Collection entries
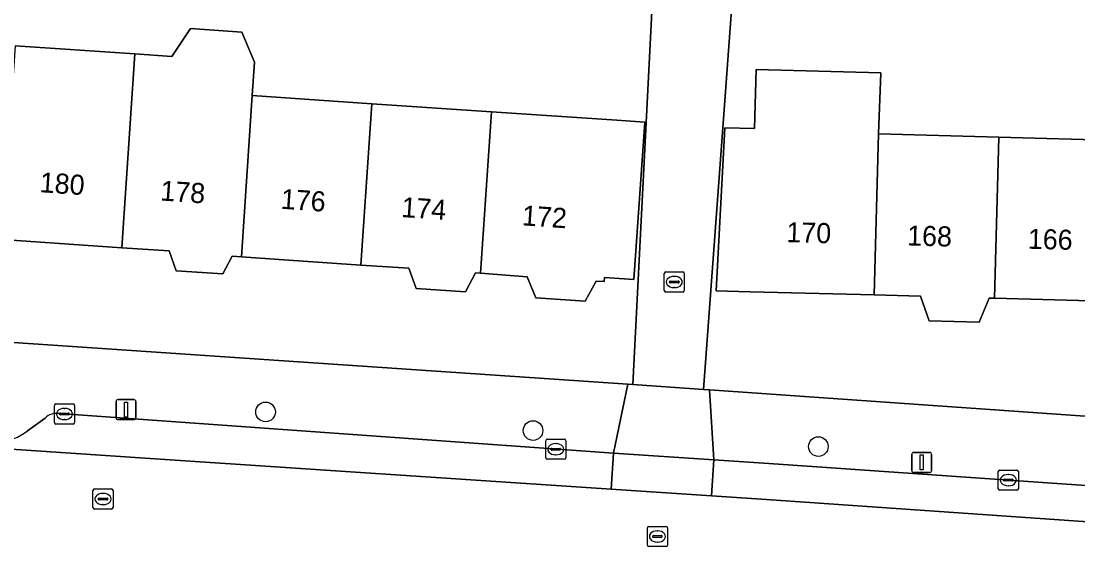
# Model space of a CAD drawing. Extents: x 159053 to 160042, y 380449 to 381423.
# Drawn here: x 159303.5 to 159356.2, y 381188.2 to 381214.5 of the extents above; entities that cross this region are included whole.
import ezdxf

# ---------------------------------------------------------------- set-up
doc = ezdxf.new("R2010")
doc.units = 0
for name, color, linetype in [('IMGEO_Boom', 7, 'Continuous'), ('IMGEO_Erf', 7, 'Continuous'), ('IMGEO_Kolk', 7, 'Continuous'), ('IMGEO_Lichtmast', 7, 'Continuous'), ('IMGEO_Pand', 7, 'Continuous'), ('IMGEO_Pand_nummerreeks', 7, 'Continuous'), ('IMGEO_Parkeervlak_open', 7, 'Continuous'), ('IMGEO_Rijbaan_lokaal_open', 7, 'Continuous'), ('IMGEO_Rioolput', 7, 'Continuous'), ('IMGEO_Voetpad_open', 7, 'Continuous')]:
    doc.layers.add(name, color=color, linetype=linetype)

msp = doc.modelspace()

# ---------------------------------------------------------------- linework, layer by layer
at = {"layer": 'IMGEO_Boom'}
for centre in [(159315.672, 381195.058), (159329.013, 381194.125), (159343.243, 381193.329)]:
    msp.add_circle(centre, 0.489, dxfattribs=at)
at = {"layer": 'IMGEO_Erf'}
for points in [[(159278.092, 381200.211), (159333.735, 381196.433), (159333.982, 381196.416), (159335.297, 381222.211), (159307.687, 381223.515), (159307.881, 381226.982), (159307.775, 381227.649), (159307.223, 381230.047), (159303.229, 381228.962)], [(159339.319, 381220.746), (159338.476, 381209.221), (159337.521, 381196.176), (159337.817, 381196.156), (159412.725, 381190.897)], [(159303.188, 381213.306), (159309.154, 381212.902), (159310.999, 381212.777), (159311.922, 381214.171), (159314.488, 381213.998), (159315.121, 381212.499), (159315.008, 381210.825), (159320.974, 381210.421), (159326.941, 381210.018), (159333.196, 381209.595), (159334.585, 381209.5), (159334.046, 381201.652), (159332.57, 381201.754), (159332.556, 381201.554), (159332.16, 381201.573), (159331.61, 381200.581), (159329.148, 381200.75), (159328.719, 381201.792), (159326.398, 381201.966), (159326.146, 381201.985), (159325.646, 381201.039), (159323.182, 381201.208), (159322.811, 381202.217), (159320.432, 381202.38), (159316.356, 381202.659), (159314.466, 381202.789), (159314.008, 381202.82), (159313.55, 381201.941), (159311.216, 381202.098), (159310.861, 381203.083), (159308.503, 381203.242), (159302.537, 381203.644)], [(159358.036, 381200.555), (159352.028, 381200.719), (159351.758, 381200.726), (159351.262, 381199.524), (159348.768, 381199.598), (159348.332, 381200.83), (159346.02, 381200.89), (159339.839, 381201.05), (159338.14, 381201.094), (159338.585, 381209.218), (159340.049, 381209.18), (159340.134, 381212.13), (159346.358, 381211.966), (159346.235, 381208.918), (159352.243, 381208.754), (159358.251, 381208.591)]]:
    msp.add_lwpolyline(points, dxfattribs=at)
at = {"layer": 'IMGEO_Kolk'}
for p, q in [((159335.556, 381201.107), (159335.556, 381201.959)), ((159335.631, 381202.033), (159336.483, 381202.033)), ((159336.557, 381201.959), (159336.557, 381201.107)), ((159335.815, 381201.527), (159335.815, 381201.539)), ((159336.253, 381201.49), (159335.855, 381201.49)), ((159335.858, 381201.576), (159336.256, 381201.576)), ((159336.044, 381201.813), (159336.069, 381201.813)), ((159336.299, 381201.539), (159336.299, 381201.527)), ((159336.483, 381201.033), (159335.631, 381201.033)), ((159336.067, 381201.253), (159336.042, 381201.253)), ((159305.144, 381194.527), (159305.144, 381195.379)), ((159305.219, 381195.453), (159306.071, 381195.453)), ((159305.632, 381195.233), (159305.657, 381195.233)), ((159306.145, 381195.379), (159306.145, 381194.527)), ((159305.403, 381194.947), (159305.403, 381194.959)), ((159305.841, 381194.91), (159305.443, 381194.91)), ((159305.446, 381194.996), (159305.844, 381194.996)), ((159305.655, 381194.673), (159305.63, 381194.673)), ((159305.887, 381194.959), (159305.887, 381194.947)), ((159306.071, 381194.453), (159305.219, 381194.453)), ((159329.646, 381192.769), (159329.646, 381193.621)), ((159329.721, 381193.695), (159330.573, 381193.695)), ((159330.134, 381193.475), (159330.159, 381193.475)), ((159330.647, 381193.621), (159330.647, 381192.769)), ((159329.905, 381193.189), (159329.905, 381193.201)), ((159330.343, 381193.152), (159329.945, 381193.152)), ((159329.948, 381193.238), (159330.346, 381193.238)), ((159330.389, 381193.201), (159330.389, 381193.189)), ((159330.573, 381192.695), (159329.721, 381192.695)), ((159330.157, 381192.915), (159330.132, 381192.915)), ((159352.215, 381191.229), (159352.215, 381192.081)), ((159352.29, 381192.155), (159353.142, 381192.155)), ((159352.703, 381191.935), (159352.728, 381191.935)), ((159353.216, 381192.081), (159353.216, 381191.229)), ((159352.474, 381191.649), (159352.474, 381191.661)), ((159352.912, 381191.612), (159352.514, 381191.612)), ((159352.517, 381191.698), (159352.915, 381191.698)), ((159352.726, 381191.375), (159352.701, 381191.375)), ((159352.958, 381191.661), (159352.958, 381191.649)), ((159353.142, 381191.155), (159352.29, 381191.155))]:
    msp.add_line(p, q, dxfattribs=at)
for points in [[(159335.556, 381201.107), (159335.556, 381201.959)], [(159335.631, 381202.033), (159336.483, 381202.033)], [(159336.557, 381201.959), (159336.557, 381201.107)], [(159336.483, 381201.033), (159335.631, 381201.033)], [(159305.144, 381194.527), (159305.144, 381195.379)], [(159305.219, 381195.453), (159306.071, 381195.453)], [(159306.145, 381195.379), (159306.145, 381194.527)], [(159306.071, 381194.453), (159305.219, 381194.453)], [(159329.646, 381192.769), (159329.646, 381193.621)], [(159329.721, 381193.695), (159330.573, 381193.695)], [(159330.647, 381193.621), (159330.647, 381192.769)], [(159330.573, 381192.695), (159329.721, 381192.695)], [(159352.215, 381191.229), (159352.215, 381192.081)], [(159352.29, 381192.155), (159353.142, 381192.155)], [(159353.216, 381192.081), (159353.216, 381191.229)], [(159353.142, 381191.155), (159352.29, 381191.155)]]:
    msp.add_lwpolyline(points, dxfattribs=at)
for centre, radius, start, end in [((159335.633, 381201.957), 0.0765, 91.552, 178.448), ((159335.633, 381201.957), 0.0765, 91.552, 178.448), ((159336.481, 381201.957), 0.0765, 1.552, 88.448), ((159336.481, 381201.957), 0.0765, 1.552, 88.448), ((159335.855, 381201.536), 0.0403, 85.8775, 175.7526), ((159335.852, 381201.526), 0.0366, 178.938, 274.7102), ((159336.256, 381201.533), 0.043, 264.8664, 352.4533), ((159336.26, 381201.538), 0.0386, 1.7309, 96.639), ((159335.633, 381201.109), 0.0765, 181.552, 268.448), ((159335.633, 381201.109), 0.0765, 181.552, 268.448), ((159336.481, 381201.109), 0.0765, 271.552, 358.448), ((159336.481, 381201.109), 0.0765, 271.552, 358.448), ((159305.221, 381195.377), 0.0765, 91.552, 178.448), ((159305.221, 381195.377), 0.0765, 91.552, 178.448), ((159306.069, 381195.377), 0.0765, 1.552, 88.448), ((159306.069, 381195.377), 0.0765, 1.552, 88.448), ((159305.221, 381194.529), 0.0765, 181.552, 268.448), ((159305.221, 381194.529), 0.0765, 181.552, 268.448), ((159305.443, 381194.956), 0.0403, 85.8775, 175.7526), ((159305.44, 381194.946), 0.0366, 178.938, 274.7102), ((159305.844, 381194.953), 0.043, 264.8664, 352.4533), ((159305.848, 381194.958), 0.0386, 1.7309, 96.639), ((159306.069, 381194.529), 0.0765, 271.552, 358.448), ((159306.069, 381194.529), 0.0765, 271.552, 358.448), ((159329.723, 381193.619), 0.0765, 91.552, 178.448), ((159329.723, 381193.619), 0.0765, 91.552, 178.448), ((159330.571, 381193.619), 0.0765, 1.552, 88.448), ((159330.571, 381193.619), 0.0765, 1.552, 88.448), ((159329.945, 381193.198), 0.0403, 85.8775, 175.7526), ((159329.942, 381193.188), 0.0366, 178.938, 274.7102), ((159330.346, 381193.195), 0.043, 264.8664, 352.4533), ((159330.35, 381193.2), 0.0386, 1.7309, 96.639), ((159329.723, 381192.771), 0.0765, 181.552, 268.448), ((159329.723, 381192.771), 0.0765, 181.552, 268.448), ((159330.571, 381192.771), 0.0765, 271.552, 358.448), ((159330.571, 381192.771), 0.0765, 271.552, 358.448), ((159352.292, 381192.079), 0.0765, 91.552, 178.448), ((159352.292, 381192.079), 0.0765, 91.552, 178.448), ((159353.14, 381192.079), 0.0765, 1.552, 88.448), ((159353.14, 381192.079), 0.0765, 1.552, 88.448), ((159352.514, 381191.658), 0.0403, 85.8775, 175.7526), ((159352.511, 381191.648), 0.0366, 178.938, 274.7102), ((159352.915, 381191.655), 0.043, 264.8664, 352.4533), ((159352.919, 381191.66), 0.0386, 1.7309, 96.639), ((159352.292, 381191.231), 0.0765, 181.552, 268.448), ((159352.292, 381191.231), 0.0765, 181.552, 268.448), ((159353.14, 381191.231), 0.0765, 271.552, 358.448), ((159353.14, 381191.231), 0.0765, 271.552, 358.448)]:
    msp.add_arc(centre, radius, start, end, dxfattribs=at)
for centre, major_axis, ratio, start_param, end_param in [((159336.043, 381201.533), (-0.387, 0.002), 0.722429, 4.712389, 7.853982), ((159336.068, 381201.533), (-0.39, 0.002), 0.717154, 1.570796, 4.712389), ((159305.631, 381194.953), (-0.387, 0.002), 0.722429, 4.712389, 7.853982), ((159305.656, 381194.953), (-0.39, 0.002), 0.717154, 1.570796, 4.712389), ((159330.133, 381193.195), (-0.387, 0.002), 0.722429, 4.712389, 7.853982), ((159330.158, 381193.195), (-0.39, 0.002), 0.717154, 1.570796, 4.712389), ((159352.702, 381191.655), (-0.387, 0.002), 0.722429, 4.712389, 7.853982), ((159352.727, 381191.655), (-0.39, 0.002), 0.717154, 1.570796, 4.712389)]:
    msp.add_ellipse(centre, major_axis=major_axis, ratio=ratio, start_param=start_param, end_param=end_param, dxfattribs=at)
at = {"layer": 'IMGEO_Lichtmast'}
for p, q in [((159308.216, 381194.77), (159308.216, 381195.57)), ((159308.216, 381195.57), (159308.216, 381194.77)), ((159308.316, 381195.67), (159309.106, 381195.67)), ((159309.106, 381195.67), (159308.316, 381195.67)), ((159309.206, 381195.57), (159309.206, 381194.77)), ((159309.206, 381194.77), (159309.206, 381195.57)), ((159309.106, 381194.67), (159308.316, 381194.67)), ((159308.316, 381194.67), (159309.106, 381194.67)), ((159347.899, 381192.135), (159347.899, 381192.935)), ((159347.899, 381192.935), (159347.899, 381192.135)), ((159347.999, 381193.035), (159348.789, 381193.035)), ((159348.789, 381193.035), (159347.999, 381193.035)), ((159348.889, 381192.935), (159348.889, 381192.135)), ((159348.889, 381192.135), (159348.889, 381192.935)), ((159348.789, 381192.035), (159347.999, 381192.035)), ((159347.999, 381192.035), (159348.789, 381192.035))]:
    msp.add_line(p, q, dxfattribs=at)
for points in [[(159308.636, 381195.545), (159308.786, 381195.545), (159308.786, 381194.795), (159308.636, 381194.795), (159308.636, 381195.545)], [(159348.319, 381192.91), (159348.469, 381192.91), (159348.469, 381192.16), (159348.319, 381192.16), (159348.319, 381192.91)]]:
    msp.add_lwpolyline(points, dxfattribs=at)
for centre, start, end in [((159308.316, 381195.57), 90, 180), ((159308.316, 381195.57), 90, 180), ((159309.106, 381195.57), 0, 90), ((159309.106, 381195.57), 360, 90), ((159308.316, 381194.77), 180, 270), ((159308.316, 381194.77), 180, 270), ((159309.106, 381194.77), 270, 0), ((159309.106, 381194.77), 270, 0), ((159347.999, 381192.935), 90, 180), ((159347.999, 381192.935), 90, 180), ((159348.789, 381192.935), 0, 90), ((159348.789, 381192.935), 360, 90), ((159347.999, 381192.135), 180, 270), ((159347.999, 381192.135), 180, 270), ((159348.789, 381192.135), 270, 0), ((159348.789, 381192.135), 270, 0)]:
    msp.add_arc(centre, 0.1, start, end, dxfattribs=at)
at = {"layer": 'IMGEO_Pand'}
for points in [[(159315.008, 381210.825), (159315.121, 381212.499), (159314.488, 381213.998), (159311.922, 381214.171), (159310.999, 381212.777), (159309.154, 381212.902), (159308.503, 381203.242), (159310.861, 381203.083), (159311.216, 381202.098), (159313.55, 381201.941), (159314.008, 381202.82), (159314.466, 381202.789)], [(159309.154, 381212.902), (159303.188, 381213.306), (159302.537, 381203.644), (159308.503, 381203.242)], [(159346.235, 381208.918), (159346.358, 381211.966), (159340.134, 381212.13), (159340.049, 381209.18), (159338.585, 381209.218), (159338.14, 381201.094), (159339.839, 381201.05), (159346.02, 381200.89)], [(159320.432, 381202.38), (159320.974, 381210.421), (159315.008, 381210.825), (159314.466, 381202.789), (159316.356, 381202.659)], [(159320.432, 381202.38), (159322.811, 381202.217), (159323.182, 381201.208), (159325.646, 381201.039), (159326.146, 381201.985), (159326.398, 381201.966), (159326.941, 381210.018), (159320.974, 381210.421)], [(159334.585, 381209.5), (159333.196, 381209.595), (159326.941, 381210.018), (159326.398, 381201.966), (159328.719, 381201.792), (159329.148, 381200.75), (159331.61, 381200.581), (159332.16, 381201.573), (159332.556, 381201.554), (159332.57, 381201.754), (159334.046, 381201.652)], [(159346.235, 381208.918), (159346.02, 381200.89), (159348.332, 381200.83), (159348.768, 381199.598), (159351.262, 381199.524), (159351.758, 381200.726), (159352.028, 381200.719), (159352.243, 381208.754)], [(159352.243, 381208.754), (159352.028, 381200.719), (159358.036, 381200.555), (159358.251, 381208.591)]]:
    msp.add_lwpolyline(points, close=True, dxfattribs=at)
at = {"layer": 'IMGEO_Parkeervlak_open'}
for points in [[(159262.94, 381196.034), (159264.523, 381195.918), (159273.367, 381195.267), (159274.38, 381195.177), (159278.1, 381194.857), (159287.147, 381194.26), (159309.922, 381192.73), (159332.905, 381191.207), (159333.024, 381193.003), (159305.398, 381194.972)], [(159304.675, 381194.749), (159303.795, 381194.105)], [(159407.806, 381187.721), (159404.772, 381187.938), (159372.118, 381190.286), (159359.449, 381191.183), (159340.776, 381192.489), (159338.035, 381192.671), (159337.916, 381190.875), (159340.654, 381190.693), (159359.323, 381189.387), (159371.994, 381188.49), (159398.502, 381186.692), (159410.545, 381185.773)]]:
    msp.add_lwpolyline(points, dxfattribs=at)
for centre, radius, start, end in [((159305.25, 381194.167), 0.818, 79.6122, 134.6712), ((159302.434, 381195.777), 2.156, 268.121, 309.1565)]:
    msp.add_arc(centre, radius, start, end, dxfattribs=at)
at = {"layer": 'IMGEO_Rijbaan_lokaal_open'}
for points in [[(159340.789, 381240.858), (159335.696, 381239.745), (159333.558, 381239.278), (159333.591, 381239.134), (159334.803, 381233.87), (159332.1, 381233.248), (159329.397, 381232.626), (159326.694, 381232.004), (159323.992, 381231.382), (159321.289, 381230.759), (159318.586, 381230.137), (159315.883, 381229.515), (159313.18, 381228.893), (159310.478, 381228.271), (159307.775, 381227.649), (159307.881, 381226.982), (159307.687, 381223.515), (159335.297, 381222.211), (159333.982, 381196.416), (159337.521, 381196.176), (159338.476, 381209.221), (159339.319, 381220.746), (159339.422, 381222.167)], [(159338.035, 381192.671), (159333.024, 381193.003), (159332.905, 381191.207), (159337.916, 381190.875)]]:
    msp.add_lwpolyline(points, close=True, dxfattribs=at)
msp.add_lwpolyline([(159482.078, 381180.662), (159455.525, 381182.85), (159444.275, 381183.548), (159419.745, 381185.125), (159410.545, 381185.773), (159398.502, 381186.692), (159371.994, 381188.49), (159359.323, 381189.387), (159340.654, 381190.693), (159337.916, 381190.875), (159332.905, 381191.207), (159309.922, 381192.73), (159287.147, 381194.26), (159278.1, 381194.857), (159274.38, 381195.177), (159273.367, 381195.267), (159264.523, 381195.918), (159264.142, 381189.576), (159270.165, 381189.159), (159290.318, 381187.762), (159293.502, 381187.602), (159310.558, 381186.943)], dxfattribs=at)
at = {"layer": 'IMGEO_Rioolput'}
for p, q in [((159307.067, 381190.287), (159307.067, 381191.139)), ((159307.142, 381191.213), (159307.994, 381191.213)), ((159307.555, 381190.993), (159307.58, 381190.993)), ((159308.068, 381191.139), (159308.068, 381190.287)), ((159307.326, 381190.707), (159307.326, 381190.719)), ((159307.764, 381190.67), (159307.366, 381190.67)), ((159307.369, 381190.756), (159307.767, 381190.756)), ((159307.578, 381190.433), (159307.553, 381190.433)), ((159307.81, 381190.719), (159307.81, 381190.707)), ((159307.994, 381190.213), (159307.142, 381190.213)), ((159334.715, 381188.419), (159334.715, 381189.271)), ((159334.79, 381189.345), (159335.642, 381189.345)), ((159335.716, 381189.271), (159335.716, 381188.419)), ((159334.974, 381188.839), (159334.974, 381188.851)), ((159335.412, 381188.802), (159335.014, 381188.802)), ((159335.017, 381188.888), (159335.415, 381188.888)), ((159335.203, 381189.125), (159335.228, 381189.125)), ((159335.458, 381188.851), (159335.458, 381188.839)), ((159335.642, 381188.345), (159334.79, 381188.345)), ((159335.226, 381188.565), (159335.201, 381188.565))]:
    msp.add_line(p, q, dxfattribs=at)
for points in [[(159307.067, 381190.287), (159307.067, 381191.139)], [(159307.142, 381191.213), (159307.994, 381191.213)], [(159308.068, 381191.139), (159308.068, 381190.287)], [(159307.994, 381190.213), (159307.142, 381190.213)], [(159334.715, 381188.419), (159334.715, 381189.271)], [(159334.79, 381189.345), (159335.642, 381189.345)], [(159335.716, 381189.271), (159335.716, 381188.419)], [(159335.642, 381188.345), (159334.79, 381188.345)]]:
    msp.add_lwpolyline(points, dxfattribs=at)
for centre, radius, start, end in [((159307.144, 381191.137), 0.0765, 91.552, 178.448), ((159307.144, 381191.137), 0.0765, 91.552, 178.448), ((159307.992, 381191.137), 0.0765, 1.552, 88.448), ((159307.992, 381191.137), 0.0765, 1.552, 88.448), ((159307.144, 381190.289), 0.0765, 181.552, 268.448), ((159307.144, 381190.289), 0.0765, 181.552, 268.448), ((159307.366, 381190.716), 0.0403, 85.8775, 175.7526), ((159307.363, 381190.706), 0.0366, 178.938, 274.7102), ((159307.767, 381190.713), 0.043, 264.8664, 352.4533), ((159307.771, 381190.718), 0.0386, 1.7309, 96.639), ((159307.992, 381190.289), 0.0765, 271.552, 358.448), ((159307.992, 381190.289), 0.0765, 271.552, 358.448), ((159334.792, 381189.269), 0.0765, 91.552, 178.448), ((159334.792, 381189.269), 0.0765, 91.552, 178.448), ((159335.64, 381189.269), 0.0765, 1.552, 88.448), ((159335.64, 381189.269), 0.0765, 1.552, 88.448), ((159335.014, 381188.848), 0.0403, 85.8775, 175.7526), ((159335.011, 381188.838), 0.0366, 178.938, 274.7102), ((159335.415, 381188.845), 0.043, 264.8664, 352.4533), ((159335.419, 381188.85), 0.0386, 1.7309, 96.639), ((159334.792, 381188.421), 0.0765, 181.552, 268.448), ((159334.792, 381188.421), 0.0765, 181.552, 268.448), ((159335.64, 381188.421), 0.0765, 271.552, 358.448), ((159335.64, 381188.421), 0.0765, 271.552, 358.448)]:
    msp.add_arc(centre, radius, start, end, dxfattribs=at)
for centre, major_axis, ratio, start_param, end_param in [((159307.554, 381190.713), (-0.387, 0.002), 0.722429, 4.712389, 7.853982), ((159307.579, 381190.713), (-0.39, 0.002), 0.717154, 1.570796, 4.712389), ((159335.202, 381188.845), (-0.387, 0.002), 0.722429, 4.712389, 7.853982), ((159335.227, 381188.845), (-0.39, 0.002), 0.717154, 1.570796, 4.712389)]:
    msp.add_ellipse(centre, major_axis=major_axis, ratio=ratio, start_param=start_param, end_param=end_param, dxfattribs=at)
at = {"layer": 'IMGEO_Voetpad_open'}
for points in [[(159305.398, 381194.972), (159333.024, 381193.003), (159333.735, 381196.433), (159278.092, 381200.211)], [(159303.795, 381194.105), (159304.675, 381194.749)]]:
    msp.add_lwpolyline(points, dxfattribs=at)
for points in [[(159337.817, 381196.156), (159337.521, 381196.176), (159333.982, 381196.416), (159333.735, 381196.433), (159333.024, 381193.003), (159338.035, 381192.671)], [(159337.817, 381196.156), (159338.035, 381192.671), (159340.776, 381192.489), (159359.449, 381191.183), (159372.118, 381190.286), (159404.772, 381187.938), (159407.806, 381187.721), (159407.816, 381187.861), (159408.6, 381187.806), (159411.863, 381187.621), (159411.95, 381188.985), (159412.565, 381188.953), (159412.703, 381190.629), (159412.725, 381190.897)]]:
    msp.add_lwpolyline(points, close=True, dxfattribs=at)
for centre, radius, start, end in [((159305.25, 381194.167), 0.818, 79.6122, 134.6712), ((159302.434, 381195.777), 2.156, 268.121, 309.1565)]:
    msp.add_arc(centre, radius, start, end, dxfattribs=at)

# ---------------------------------------------------------------- texts
at = {"layer": 'IMGEO_Pand_nummerreeks'}
for s, rotation, p in [('180', 356.0752, (159304.388, 381206.013)), ('178', 356.0752, (159310.402, 381205.6)), ('176', 356.0732, (159316.41, 381205.188)), ('174', 356.0732, (159322.423, 381204.775)), ('172', 356.0752, (159328.436, 381204.362)), ('170', 358.4358, (159341.637, 381203.523)), ('168', 358.4381, (159347.66, 381203.358)), ('166', 358.4381, (159353.679, 381203.193))]:
    msp.add_text(s, height=1, rotation=rotation, dxfattribs=at).set_placement(p)

doc.saveas('drawing.dxf')

● WHAT TO DO:
Print only the lines from the first line of the data above through the one containing "doc.units = 0", exactly as they are, with pictures omitted.

● RESULT OF THIS EXERCISE:
# Model space of a CAD drawing. Extents: x 159053 to 160042, y 380449 to 381423.
# Drawn here: x 159303.5 to 159356.2, y 381188.2 to 381214.5 of the extents above; entities that cross this region are included whole.
import ezdxf

# ---------------------------------------------------------------- set-up
doc = ezdxf.new("R2010")
doc.units = 0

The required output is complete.